+++ AVAILABLE DATA +++

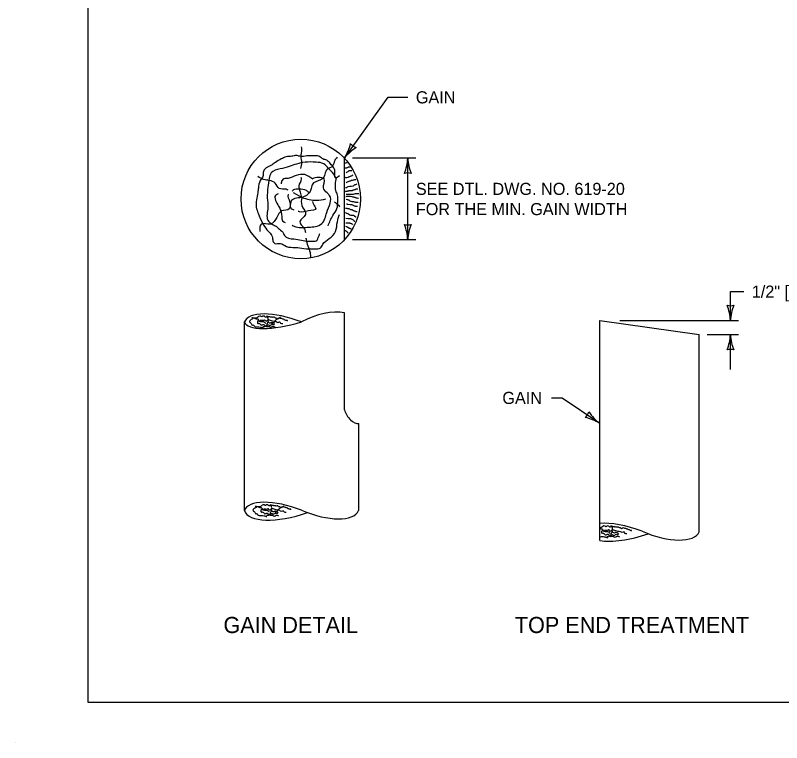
# Model space of a CAD drawing. Extents: x 49991.4 to 50021, y 49987.6 to 50011.4.
# Drawn here: x 49999.977 to 50003.769, y 49999.862 to 50003.463 of the extents above; entities that cross this region are included whole.
import ezdxf

# ---------------------------------------------------------------- set-up
doc = ezdxf.new("R2010")
doc.units = 0
for name, color, linetype in [('Level 1', 7, 'Continuous'), ('Level 2', 7, 'Continuous'), ('Level 3', 7, 'Continuous')]:
    doc.layers.add(name, color=color, linetype=linetype)

msp = doc.modelspace()

# ---------------------------------------------------------------- linework, layer by layer
at = {"layer": 'Level 1'}
for p, q in [((50001.605, 50002.3516), (50001.605, 50002.7561)), ((50001.3944, 50002.561), (50001.3536, 50002.5837)), ((50001.605, 50001.5105), (50001.605, 50001.9906)), ((50002.8687, 50001.9517), (50003.3612, 50001.8825)), ((50002.8687, 50000.8627), (50002.8687, 50001.9517)), ((50001.1101, 50001.011), (50001.1101, 50001.9454)), ((50003.3612, 50000.9062), (50003.3612, 50001.8825)), ((50001.6764, 50001.011), (50001.6764, 50001.4416)), ((49999.9766, 49999.8624), (49999.9766, 49999.8624))]:
    msp.add_line(p, q, dxfattribs=at)
msp.add_lwpolyline([(50008.6146, 50011.2628), (50000.3356, 50011.2628), (50000.3356, 50000.0624), (50008.6146, 50000.0624)], close=True, dxfattribs=at)
for points in [[(50001.6071, 50002.7316), (50001.6092, 50002.7327), (50001.6124, 50002.7327), (50001.6167, 50002.7337), (50001.6188, 50002.7337)], [(50001.6103, 50002.7092), (50001.6113, 50002.7071), (50001.6135, 50002.7081), (50001.6167, 50002.7081), (50001.6188, 50002.7092), (50001.621, 50002.7092), (50001.6231, 50002.7113), (50001.6253, 50002.7124), (50001.6295, 50002.7135), (50001.6338, 50002.7135)], [(50001.6092, 50002.6612), (50001.6113, 50002.6601), (50001.6135, 50002.6601), (50001.6178, 50002.6601), (50001.6231, 50002.6612), (50001.6263, 50002.6633), (50001.6285, 50002.6644), (50001.6306, 50002.6655), (50001.6328, 50002.6655), (50001.6349, 50002.6665), (50001.6381, 50002.6676), (50001.6403, 50002.6687), (50001.6435, 50002.6697), (50001.6445, 50002.6719), (50001.6478, 50002.674)], [(50001.6135, 50002.6836), (50001.6167, 50002.6868), (50001.6199, 50002.6889), (50001.6231, 50002.69), (50001.6253, 50002.6911), (50001.6274, 50002.6932), (50001.6295, 50002.6953), (50001.6328, 50002.6953), (50001.6349, 50002.6953), (50001.637, 50002.6953), (50001.6392, 50002.6953), (50001.6413, 50002.6953)], [(50001.6135, 50002.6345), (50001.6178, 50002.6377), (50001.6199, 50002.6388), (50001.6242, 50002.6409), (50001.6295, 50002.642), (50001.6317, 50002.6431), (50001.6349, 50002.6441), (50001.6381, 50002.6452), (50001.6403, 50002.6463), (50001.6435, 50002.6463), (50001.6456, 50002.6473), (50001.651, 50002.6484), (50001.6542, 50002.6484), (50001.6574, 50002.6495), (50001.6617, 50002.6495)], [(50001.6081, 50002.5919), (50001.6092, 50002.5897), (50001.6103, 50002.5919), (50001.6124, 50002.5929), (50001.6199, 50002.5929), (50001.622, 50002.594), (50001.6242, 50002.594), (50001.6263, 50002.594), (50001.6285, 50002.5951), (50001.6306, 50002.5951), (50001.6328, 50002.5951), (50001.6349, 50002.5951), (50001.637, 50002.5951), (50001.6403, 50002.5951), (50001.6445, 50002.5961), (50001.6467, 50002.5972), (50001.6488, 50002.5983), (50001.6542, 50002.5993), (50001.6563, 50002.6004), (50001.6585, 50002.6015), (50001.6638, 50002.6036), (50001.667, 50002.6047), (50001.6692, 50002.6047), (50001.6713, 50002.6047)], [(50001.6103, 50002.61), (50001.6167, 50002.6111), (50001.6188, 50002.6121), (50001.621, 50002.6143), (50001.6231, 50002.6153), (50001.6317, 50002.6164), (50001.6349, 50002.6175), (50001.637, 50002.6175), (50001.6392, 50002.6175), (50001.6478, 50002.6185), (50001.6499, 50002.6196), (50001.6531, 50002.6228), (50001.6552, 50002.6239), (50001.6585, 50002.6249), (50001.6617, 50002.626), (50001.6649, 50002.6271), (50001.666, 50002.6292)], [(50001.6124, 50002.5663), (50001.6146, 50002.5663), (50001.6167, 50002.5673), (50001.6231, 50002.5673), (50001.6263, 50002.5673), (50001.6285, 50002.5684), (50001.6317, 50002.5684), (50001.6338, 50002.5684), (50001.6424, 50002.5663), (50001.6456, 50002.5652), (50001.6478, 50002.5641), (50001.651, 50002.5641), (50001.6542, 50002.5631), (50001.6563, 50002.562), (50001.6595, 50002.5609), (50001.6617, 50002.5599), (50001.6638, 50002.5599), (50001.667, 50002.5588), (50001.6713, 50002.5577), (50001.6745, 50002.5577)], [(50001.6135, 50002.5769), (50001.6167, 50002.5769), (50001.6188, 50002.5769), (50001.6242, 50002.5769), (50001.6263, 50002.5769), (50001.6317, 50002.5769), (50001.636, 50002.5769), (50001.6381, 50002.5769), (50001.6413, 50002.5769), (50001.6435, 50002.5769), (50001.6456, 50002.5769), (50001.6499, 50002.578), (50001.6606, 50002.5801), (50001.6649, 50002.5801), (50001.6692, 50002.5801), (50001.6713, 50002.5801), (50001.6735, 50002.5801), (50001.6767, 50002.5801)], [(50001.6135, 50002.5535), (50001.6199, 50002.5513), (50001.622, 50002.5503), (50001.6274, 50002.5492), (50001.6295, 50002.5471), (50001.6328, 50002.5449), (50001.637, 50002.5428), (50001.6413, 50002.5417), (50001.6488, 50002.5407), (50001.651, 50002.5407), (50001.6531, 50002.5396), (50001.6552, 50002.5396), (50001.6574, 50002.5396), (50001.6606, 50002.5385), (50001.6649, 50002.5385), (50001.6681, 50002.5385), (50001.6735, 50002.5385)], [(50001.6167, 50002.5321), (50001.6178, 50002.5289), (50001.6199, 50002.5289), (50001.6338, 50002.5268), (50001.6403, 50002.5257), (50001.6435, 50002.5247), (50001.6456, 50002.5247), (50001.6478, 50002.5236), (50001.651, 50002.5215), (50001.6542, 50002.5193), (50001.6574, 50002.5193), (50001.6595, 50002.5183), (50001.6627, 50002.5183), (50001.667, 50002.5183), (50001.6692, 50002.5183)], [(50001.6092, 50002.4863), (50001.6135, 50002.4852), (50001.6156, 50002.4841), (50001.6178, 50002.4841), (50001.622, 50002.482), (50001.6263, 50002.4788), (50001.6295, 50002.4767), (50001.6306, 50002.4745), (50001.6328, 50002.4745), (50001.637, 50002.4735), (50001.6392, 50002.4735), (50001.6413, 50002.4735), (50001.6456, 50002.4735), (50001.6478, 50002.4735), (50001.652, 50002.4724), (50001.6542, 50002.4713), (50001.6542, 50002.4692), (50001.6563, 50002.4681), (50001.6606, 50002.466), (50001.6627, 50002.466)], [(50001.6103, 50002.5087), (50001.6146, 50002.5076), (50001.6178, 50002.5076), (50001.6199, 50002.5065), (50001.6263, 50002.5065), (50001.6306, 50002.5044), (50001.6328, 50002.5033), (50001.6349, 50002.5023), (50001.6424, 50002.5012), (50001.6456, 50002.5001), (50001.651, 50002.4969), (50001.6531, 50002.4959), (50001.6563, 50002.4948), (50001.6595, 50002.4937), (50001.6617, 50002.4916), (50001.6649, 50002.4916), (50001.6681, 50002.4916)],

+++

TASK BRIEF
Search the lines above for the string "name" and copy each line that has it.

RESULT OF THIS EXERCISE
for name, color, linetype in [('Level 1', 7, 'Continuous'), ('Level 2', 7, 'Continuous'), ('Level 3', 7, 'Continuous')]:
    doc.layers.add(name, color=color, linetype=linetype)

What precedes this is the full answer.